## AIM OF THE EXERCISE
Each line of the data must be reproduced as it appears.

(Saved data entries)
----------------

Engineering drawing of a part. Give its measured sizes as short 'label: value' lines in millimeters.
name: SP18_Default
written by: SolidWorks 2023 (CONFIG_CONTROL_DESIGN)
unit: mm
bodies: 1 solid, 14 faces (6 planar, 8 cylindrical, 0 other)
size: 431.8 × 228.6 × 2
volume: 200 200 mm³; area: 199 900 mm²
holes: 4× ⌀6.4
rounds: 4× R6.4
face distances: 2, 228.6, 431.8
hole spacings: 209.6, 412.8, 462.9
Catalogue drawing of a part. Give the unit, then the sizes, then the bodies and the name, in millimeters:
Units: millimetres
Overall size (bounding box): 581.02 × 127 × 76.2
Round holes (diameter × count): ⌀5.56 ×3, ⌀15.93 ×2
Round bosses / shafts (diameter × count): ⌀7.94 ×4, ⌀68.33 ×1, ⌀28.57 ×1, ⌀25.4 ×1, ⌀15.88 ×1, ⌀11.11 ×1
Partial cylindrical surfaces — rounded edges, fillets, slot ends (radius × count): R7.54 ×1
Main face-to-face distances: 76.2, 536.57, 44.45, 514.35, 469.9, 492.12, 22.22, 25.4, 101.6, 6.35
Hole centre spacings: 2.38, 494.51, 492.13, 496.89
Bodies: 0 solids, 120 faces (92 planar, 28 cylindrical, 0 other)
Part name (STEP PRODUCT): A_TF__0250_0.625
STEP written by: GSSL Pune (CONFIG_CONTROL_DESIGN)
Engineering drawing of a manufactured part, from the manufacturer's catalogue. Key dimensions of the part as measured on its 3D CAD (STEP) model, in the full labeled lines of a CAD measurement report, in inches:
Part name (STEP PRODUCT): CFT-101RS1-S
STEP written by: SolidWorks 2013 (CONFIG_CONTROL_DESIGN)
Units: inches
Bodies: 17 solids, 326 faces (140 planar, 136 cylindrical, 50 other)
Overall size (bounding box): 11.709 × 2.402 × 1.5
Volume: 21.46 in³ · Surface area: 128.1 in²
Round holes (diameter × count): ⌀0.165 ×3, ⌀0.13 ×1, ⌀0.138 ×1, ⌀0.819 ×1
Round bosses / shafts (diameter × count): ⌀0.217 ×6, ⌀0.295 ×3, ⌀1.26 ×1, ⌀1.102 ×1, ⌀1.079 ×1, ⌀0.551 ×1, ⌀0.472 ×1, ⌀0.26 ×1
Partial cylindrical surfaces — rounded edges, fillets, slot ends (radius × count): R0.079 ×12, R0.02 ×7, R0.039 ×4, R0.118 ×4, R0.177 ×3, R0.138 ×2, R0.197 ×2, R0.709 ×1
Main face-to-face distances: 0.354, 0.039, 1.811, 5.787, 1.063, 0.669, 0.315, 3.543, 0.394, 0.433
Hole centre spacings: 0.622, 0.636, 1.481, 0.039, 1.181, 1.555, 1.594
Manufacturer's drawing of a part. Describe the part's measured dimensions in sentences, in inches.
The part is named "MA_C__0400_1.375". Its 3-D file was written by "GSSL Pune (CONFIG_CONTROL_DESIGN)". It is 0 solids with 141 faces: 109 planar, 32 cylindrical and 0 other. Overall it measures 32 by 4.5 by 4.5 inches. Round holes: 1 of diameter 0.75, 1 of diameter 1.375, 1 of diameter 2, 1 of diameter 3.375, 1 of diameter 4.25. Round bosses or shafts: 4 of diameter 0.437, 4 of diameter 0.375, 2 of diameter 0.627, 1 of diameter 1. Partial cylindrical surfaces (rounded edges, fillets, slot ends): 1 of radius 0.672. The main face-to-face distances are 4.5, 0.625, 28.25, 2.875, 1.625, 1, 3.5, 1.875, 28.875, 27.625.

----------------

## TASK SOLUTION
Engineering drawing of a part. Give its measured sizes as short 'label: value' lines in millimeters.
name: SP18_Default
written by: SolidWorks 2023 (CONFIG_CONTROL_DESIGN)
unit: mm
bodies: 1 solid, 14 faces (6 planar, 8 cylindrical, 0 other)
size: 431.8 × 228.6 × 2
volume: 200 200 mm³; area: 199 900 mm²
holes: 4× ⌀6.4
rounds: 4× R6.4
face distances: 2, 228.6, 431.8
hole spacings: 209.6, 412.8, 462.9
Catalogue drawing of a part. Give the unit, then the sizes, then the bodies and the name, in millimeters:
Units: millimetres
Overall size (bounding box): 581.02 × 127 × 76.2
Round holes (diameter × count): ⌀5.56 ×3, ⌀15.93 ×2
Round bosses / shafts (diameter × count): ⌀7.94 ×4, ⌀68.33 ×1, ⌀28.57 ×1, ⌀25.4 ×1, ⌀15.88 ×1, ⌀11.11 ×1
Partial cylindrical surfaces — rounded edges, fillets, slot ends (radius × count): R7.54 ×1
Main face-to-face distances: 76.2, 536.57, 44.45, 514.35, 469.9, 492.12, 22.22, 25.4, 101.6, 6.35
Hole centre spacings: 2.38, 494.51, 492.13, 496.89
Bodies: 0 solids, 120 faces (92 planar, 28 cylindrical, 0 other)
Part name (STEP PRODUCT): A_TF__0250_0.625
STEP written by: GSSL Pune (CONFIG_CONTROL_DESIGN)
Engineering drawing of a manufactured part, from the manufacturer's catalogue. Key dimensions of the part as measured on its 3D CAD (STEP) model, in the full labeled lines of a CAD measurement report, in inches:
Part name (STEP PRODUCT): CFT-101RS1-S
STEP written by: SolidWorks 2013 (CONFIG_CONTROL_DESIGN)
Units: inches
Bodies: 17 solids, 326 faces (140 planar, 136 cylindrical, 50 other)
Overall size (bounding box): 11.709 × 2.402 × 1.5
Volume: 21.46 in³ · Surface area: 128.1 in²
Round holes (diameter × count): ⌀0.165 ×3, ⌀0.13 ×1, ⌀0.138 ×1, ⌀0.819 ×1
Round bosses / shafts (diameter × count): ⌀0.217 ×6, ⌀0.295 ×3, ⌀1.26 ×1, ⌀1.102 ×1, ⌀1.079 ×1, ⌀0.551 ×1, ⌀0.472 ×1, ⌀0.26 ×1
Partial cylindrical surfaces — rounded edges, fillets, slot ends (radius × count): R0.079 ×12, R0.02 ×7, R0.039 ×4, R0.118 ×4, R0.177 ×3, R0.138 ×2, R0.197 ×2, R0.709 ×1
Main face-to-face distances: 0.354, 0.039, 1.811, 5.787, 1.063, 0.669, 0.315, 3.543, 0.394, 0.433
Hole centre spacings: 0.622, 0.636, 1.481, 0.039, 1.181, 1.555, 1.594
Manufacturer's drawing of a part. Describe the part's measured dimensions in sentences, in inches.
The part is named "MA_C__0400_1.375". Its 3-D file was written by "GSSL Pune (CONFIG_CONTROL_DESIGN)". It is 0 solids with 141 faces: 109 planar, 32 cylindrical and 0 other. Overall it measures 32 by 4.5 by 4.5 inches. Round holes: 1 of diameter 0.75, 1 of diameter 1.375, 1 of diameter 2, 1 of diameter 3.375, 1 of diameter 4.25. Round bosses or shafts: 4 of diameter 0.437, 4 of diameter 0.375, 2 of diameter 0.627, 1 of diameter 1. Partial cylindrical surfaces (rounded edges, fillets, slot ends): 1 of radius 0.672. The main face-to-face distances are 4.5, 0.625, 28.25, 2.875, 1.625, 1, 3.5, 1.875, 28.875, 27.625.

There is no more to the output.